(Saved data entries)
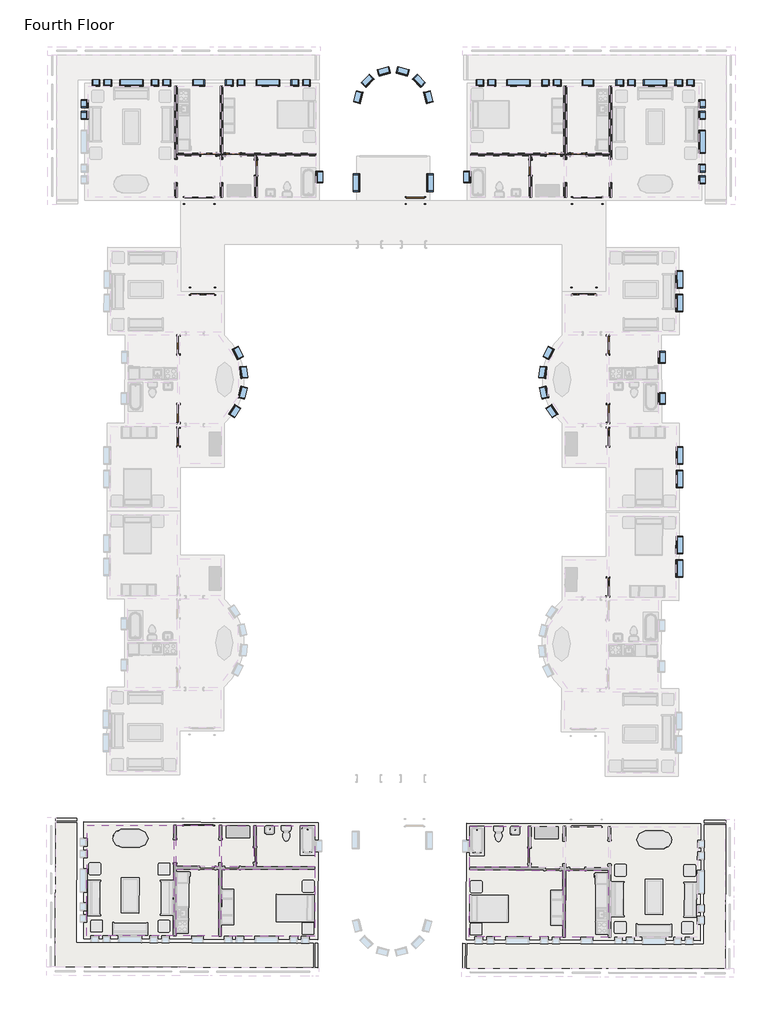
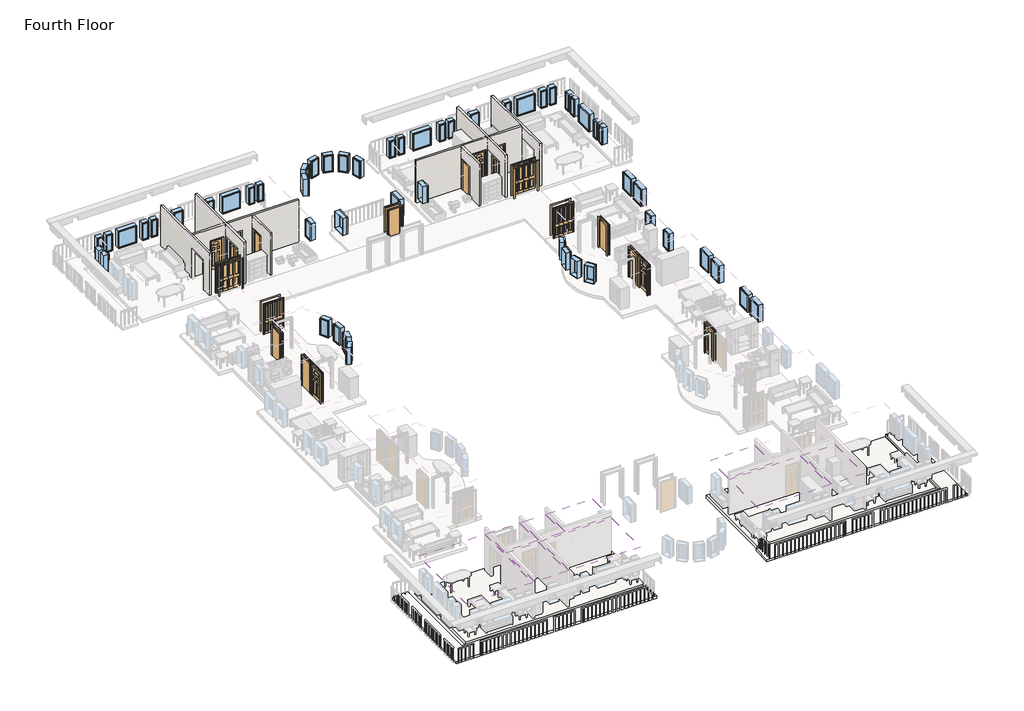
# One storey, part 2 of 8: 55 windows, 18 doors, 9 coverings, 8 walls, 4 slabs.
"""IFC4 building model written with IfcOpenShell, lengths in millimetres."""

from ifc_helpers import new_model, si_unit, frame, origin, place, context, project, spatial, polyline, outline, extrude, faceted_brep, transform, mapped, element, save
from components import m_bifold_4_panel_1220_x_2134mm_46e1cad3, m_bifold_4_panel_1220_x_2134mm_cde6dea2, m_bifold_4_panel_1525_x_2134mm_1ddae71f, m_bifold_4_panel_1525_x_2134mm_ac598c8b, m_single_decorative_2_0762_x_2134mm_0d0af7cb, m_single_decorative_2_0762_x_2134mm_2fe67c8e, m_single_decorative_2_0915_x_2134mm_cc9a65e4, m_single_decorative_2_0915_x_2134mm_0b11df3f, m_single_flush_0762_x_2134mm_0d89e411, m_single_flush_0762_x_2134mm_a28375c7, m_single_flush_0915_x_2134mm_1eac8bb1, m_single_flush_0915_x_2134mm_ab9b6334, m_single_flush_0915_x_2134mm_08e0827a, m_fixed_0406_x_1220mm_57fee329, m_fixed_0406_x_1220mm_85c28f40, m_fixed_0610_x_1220mm_2c28ef1d, m_fixed_0610_x_1220mm_1ea27827, m_fixed_0915_x_1220mm_bde29121, m_fixed_0915_x_1220mm_2a2509e7, m_fixed_1220_x_1220mm_e08ff7af, m_fixed_1220_x_1220mm_8f5f8ad3

model = new_model("IFC4")

# Units and contexts
model_context = context("Model", 3, world=origin())
ifc_project = project(units=[si_unit("LENGTHUNIT", "METRE", prefix="MILLI")], contexts=[model_context])

# Site, building, storey
site = spatial("IfcSite", under=ifc_project)
building = spatial("IfcBuilding", under=site)
storey = spatial("IfcBuildingStorey", under=building, Name="Fourth Floor", Elevation=9144.0)

# Coverings
placement = place(None, origin())
element("IfcCovering", 1, ObjectType="Plain", at=placement, inside=storey, context=model_context, shape_type="SweptSolid", body=[
    extrude(outline(polyline([(-14999.3091283, -41787.7339965), (-14989.2451686, -38311.2485634), (-10140.7654843, -38325.2842626), (-10150.829444, -41801.7696957), (-14999.3091283, -41787.7339965)])), frame((0.0, 0.0, 11734.0), z_axis=(0.0, 0.0, 1.0), x_axis=(1.0, 0.0, 0.0)), (0.0, 0.0, 1.0), 57.0),
])
element("IfcCovering", 2, ObjectType="Plain", at=placement, inside=storey, context=model_context, shape_type="SweptSolid", body=[
    extrude(outline(polyline([(-10005.2660521, -38325.6765153), (-7787.0253468, -38332.098025), (-7797.0893064, -41808.5834581), (-10015.3300117, -41802.1619484), (-10005.2660521, -38325.6765153)])), frame((0.0, 0.0, 11734.0), z_axis=(0.0, 0.0, 1.0), x_axis=(1.0, 0.0, 0.0)), (0.0, 0.0, 1.0), 57.0),
])
element("IfcCovering", 3, ObjectType="Plain", at=placement, inside=storey, context=model_context, shape_type="SweptSolid", body=[
    extrude(outline(polyline([(-11940.8656874, -38184.5726459), (-14988.8529159, -38175.7491311), (-14982.6752977, -36041.7580728), (-11934.6880691, -36050.5815875), (-11940.8656874, -38184.5726459)])), frame((0.0, 0.0, 11734.0), z_axis=(0.0, 0.0, 1.0), x_axis=(1.0, 0.0, 0.0)), (0.0, 0.0, 1.0), 57.0),
])
element("IfcCovering", 4, ObjectType="Plain", at=placement, inside=storey, context=model_context, shape_type="SweptSolid", body=[
    extrude(outline(polyline([(-23042.7754252, -41764.4492391), (-27891.2551095, -41750.4135399), (-27881.1911499, -38273.9281067), (-23032.7114656, -38287.9638059), (-23042.7754252, -41764.4492391)])), frame((0.0, 0.0, 11734.0), z_axis=(0.0, 0.0, 1.0), x_axis=(1.0, 0.0, 0.0)), (0.0, 0.0, 1.0), 57.0),
])
element("IfcCovering", 5, ObjectType="Plain", at=placement, inside=storey, context=model_context, shape_type="SweptSolid", body=[
    extrude(outline(polyline([(-28016.6905821, -38273.535854), (-28026.7545418, -41750.0212871), (-30244.9952471, -41743.5997775), (-30234.9312874, -38267.1143443), (-28016.6905821, -38273.535854)])), frame((0.0, 0.0, 11734.0), z_axis=(0.0, 0.0, 1.0), x_axis=(1.0, 0.0, 0.0)), (0.0, 0.0, 1.0), 57.0),
])
element("IfcCovering", 6, ObjectType="Plain", at=placement, inside=storey, context=model_context, shape_type="SweptSolid", body=[
    extrude(outline(polyline([(-30363.8608487, -35997.2316011), (-30380.4946793, -41743.2075247), (-34884.7258061, -41730.168379), (-34868.0919755, -35984.1924553), (-30363.8608487, -35997.2316011)])), frame((0.0, 0.0, 11734.0), z_axis=(0.0, 0.0, 1.0), x_axis=(1.0, 0.0, 0.0)), (0.0, 0.0, 1.0), 57.0),
])
element("IfcCovering", 7, ObjectType="Plain", at=placement, inside=storey, context=model_context, shape_type="SweptSolid", body=[
    extrude(outline(polyline([(-30228.3614165, -35997.6238538), (-28010.1207112, -36004.0453635), (-28016.2983294, -38138.0364218), (-30234.5390347, -38131.6149121), (-30228.3614165, -35997.6238538)])), frame((0.0, 0.0, 11734.0), z_axis=(0.0, 0.0, 1.0), x_axis=(1.0, 0.0, 0.0)), (0.0, 0.0, 1.0), 57.0),
])
element("IfcCovering", 8, ObjectType="Plain", at=placement, inside=storey, context=model_context, shape_type="SweptSolid", body=[
    extrude(outline(polyline([(-26080.3064415, -38143.640859), (-26074.1288232, -36009.6498006), (-23026.1415946, -36018.4733154), (-23032.3192129, -38152.4643737), (-26080.3064415, -38143.640859)])), frame((0.0, 0.0, 11734.0), z_axis=(0.0, 0.0, 1.0), x_axis=(1.0, 0.0, 0.0)), (0.0, 0.0, 1.0), 57.0),
])
element("IfcCovering", 9, ObjectType="Plain", at=placement, inside=storey, context=model_context, shape_type="SweptSolid", body=[
    extrude(outline(polyline([(-27874.6212789, -36004.4376162), (-26209.6282554, -36009.2575479), (-26215.8058737, -38143.2486063), (-27880.7988972, -38138.4286745), (-27874.6212789, -36004.4376162)])), frame((0.0, 0.0, 11734.0), z_axis=(0.0, 0.0, 1.0), x_axis=(1.0, 0.0, 0.0)), (0.0, 0.0, 1.0), 57.0),
])

# Doors
m_bifold_4_panel_1220_x_2134mm_shape = m_bifold_4_panel_1220_x_2134mm_46e1cad3(model_context)
element("IfcDoor", 10, ObjectType="M_Bifold-4 Panel : 1220 x 2134mm", at=placement, inside=storey, context=model_context, shape_type="MappedRepresentation", body=[
    mapped(m_bifold_4_panel_1220_x_2134mm_shape, transform((-28863.3459343, -8240.6820888, 9144.0), x_axis=(-0.9999989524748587, 0.0014474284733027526, 0.0), y_axis=(-0.0014474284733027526, -0.9999989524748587, 0.0), z_axis=(0.0, 0.0, 1.0))),
])
m_bifold_4_panel_1220_x_2134mm_2_shape = m_bifold_4_panel_1220_x_2134mm_cde6dea2(model_context)
element("IfcDoor", 11, ObjectType="M_Bifold-4 Panel : 1220 x 2134mm", at=placement, inside=storey, context=model_context, shape_type="MappedRepresentation", body=[
    mapped(m_bifold_4_panel_1220_x_2134mm_2_shape, transform((-9050.8373063, -8240.6820888, 9144.0), x_axis=(0.9999989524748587, 0.0014474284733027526, 0.0), y_axis=(-0.0014474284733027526, 0.9999989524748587, 0.0), z_axis=(0.0, 0.0, 1.0))),
])
m_bifold_4_panel_1525_x_2134mm_shape = m_bifold_4_panel_1525_x_2134mm_1ddae71f(model_context)
element("IfcDoor", 12, ObjectType="M_Bifold-4 Panel : 1525 x 2134mm", at=placement, inside=storey, context=model_context, shape_type="MappedRepresentation", body=[
    mapped(m_bifold_4_panel_1525_x_2134mm_shape, transform((-8876.0916203, -3514.8811614, 9144.0), x_axis=(1.0, 0.0, 0.0), y_axis=(0.0, 1.0, 0.0), z_axis=(0.0, 0.0, 1.0))),
])
m_bifold_4_panel_1525_x_2134mm_2_shape = m_bifold_4_panel_1525_x_2134mm_ac598c8b(model_context)
element("IfcDoor", 13, ObjectType="M_Bifold-4 Panel : 1525 x 2134mm", at=placement, inside=storey, context=model_context, shape_type="MappedRepresentation", body=[
    mapped(m_bifold_4_panel_1525_x_2134mm_2_shape, transform((-29038.0916203, -3514.8811614, 9144.0), x_axis=(-1.0, 0.0, 0.0), y_axis=(0.0, -1.0, 0.0), z_axis=(0.0, 0.0, 1.0))),
])
m_single_decorative_2_0762_x_2134mm_shape = m_single_decorative_2_0762_x_2134mm_0d0af7cb(model_context)
element("IfcDoor", 14, ObjectType="M_Single-Decorative 2 : 0762 x 2134mm", at=placement, inside=storey, context=model_context, shape_type="MappedRepresentation", body=[
    mapped(m_single_decorative_2_0762_x_2134mm_shape, transform((-9342.3416203, -1138.1311614, 9144.0), x_axis=(-1.0, 0.0, 0.0), y_axis=(0.0, -1.0, 0.0), z_axis=(0.0, 0.0, 1.0))),
])
element("IfcDoor", 15, ObjectType="M_Single-Decorative 2 : 0762 x 2134mm", at=placement, inside=storey, context=model_context, shape_type="MappedRepresentation", body=[
    mapped(m_single_decorative_2_0762_x_2134mm_shape, transform((-27285.0916203, -1138.1311614, 9144.0), x_axis=(-1.0, 0.0, 0.0), y_axis=(0.0, -1.0, 0.0), z_axis=(0.0, 0.0, 1.0))),
])
m_single_decorative_2_0762_x_2134mm_2_shape = m_single_decorative_2_0762_x_2134mm_2fe67c8e(model_context)
element("IfcDoor", 16, ObjectType="M_Single-Decorative 2 : 0762 x 2134mm", at=placement, inside=storey, context=model_context, shape_type="MappedRepresentation", body=[
    mapped(m_single_decorative_2_0762_x_2134mm_2_shape, transform((-10629.0916203, -1138.1311614, 9144.0), x_axis=(1.0, 0.0, 0.0), y_axis=(0.0, 1.0, 0.0), z_axis=(0.0, 0.0, 1.0))),
])
element("IfcDoor", 17, ObjectType="M_Single-Decorative 2 : 0762 x 2134mm", at=placement, inside=storey, context=model_context, shape_type="MappedRepresentation", body=[
    mapped(m_single_decorative_2_0762_x_2134mm_2_shape, transform((-28571.8416203, -1138.1311614, 9144.0), x_axis=(1.0, 0.0, 0.0), y_axis=(0.0, 1.0, 0.0), z_axis=(0.0, 0.0, 1.0))),
])
m_single_decorative_2_0915_x_2134mm_shape = m_single_decorative_2_0915_x_2134mm_cc9a65e4(model_context)
element("IfcDoor", 18, ObjectType="M_Single-Decorative 2 : 0915 x 2134mm", at=placement, inside=storey, context=model_context, shape_type="MappedRepresentation", body=[
    mapped(m_single_decorative_2_0915_x_2134mm_shape, transform((-30117.2933431, -15803.1250115, 9144.0), x_axis=(0.0014474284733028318, 0.9999989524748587, 0.0), y_axis=(-0.9999989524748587, 0.0014474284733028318, 0.0), z_axis=(0.0, 0.0, 1.0))),
])
element("IfcDoor", 19, ObjectType="M_Single-Decorative 2 : 0915 x 2134mm", at=placement, inside=storey, context=model_context, shape_type="MappedRepresentation", body=[
    mapped(m_single_decorative_2_0915_x_2134mm_shape, transform((-7808.1742155, -23599.2312198, 9144.0), x_axis=(-0.004342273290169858, -0.9999905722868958, 0.0), y_axis=(0.9999905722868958, -0.004342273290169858, 0.0), z_axis=(0.0, 0.0, 1.0))),
])
m_single_decorative_2_0915_x_2134mm_2_shape = m_single_decorative_2_0915_x_2134mm_0b11df3f(model_context)
element("IfcDoor", 20, ObjectType="M_Single-Decorative 2 : 0915 x 2134mm", at=placement, inside=storey, context=model_context, shape_type="MappedRepresentation", body=[
    mapped(m_single_decorative_2_0915_x_2134mm_2_shape, transform((-7796.8898976, -15803.1250115, 9144.0), x_axis=(-0.0014474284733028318, 0.9999989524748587, 0.0), y_axis=(-0.9999989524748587, -0.0014474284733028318, 0.0), z_axis=(0.0, 0.0, 1.0))),
])
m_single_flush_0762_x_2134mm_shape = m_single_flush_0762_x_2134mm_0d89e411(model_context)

WHAT TO PRODUCE - The expected answer is a copy of each line above containing "spatial".

SOLUTION TO THIS PROBLEM -
from ifc_helpers import new_model, si_unit, frame, origin, place, context, project, spatial, polyline, outline, extrude, faceted_brep, transform, mapped, element, save
site = spatial("IfcSite", under=ifc_project)
building = spatial("IfcBuilding", under=site)
storey = spatial("IfcBuildingStorey", under=building, Name="Fourth Floor", Elevation=9144.0)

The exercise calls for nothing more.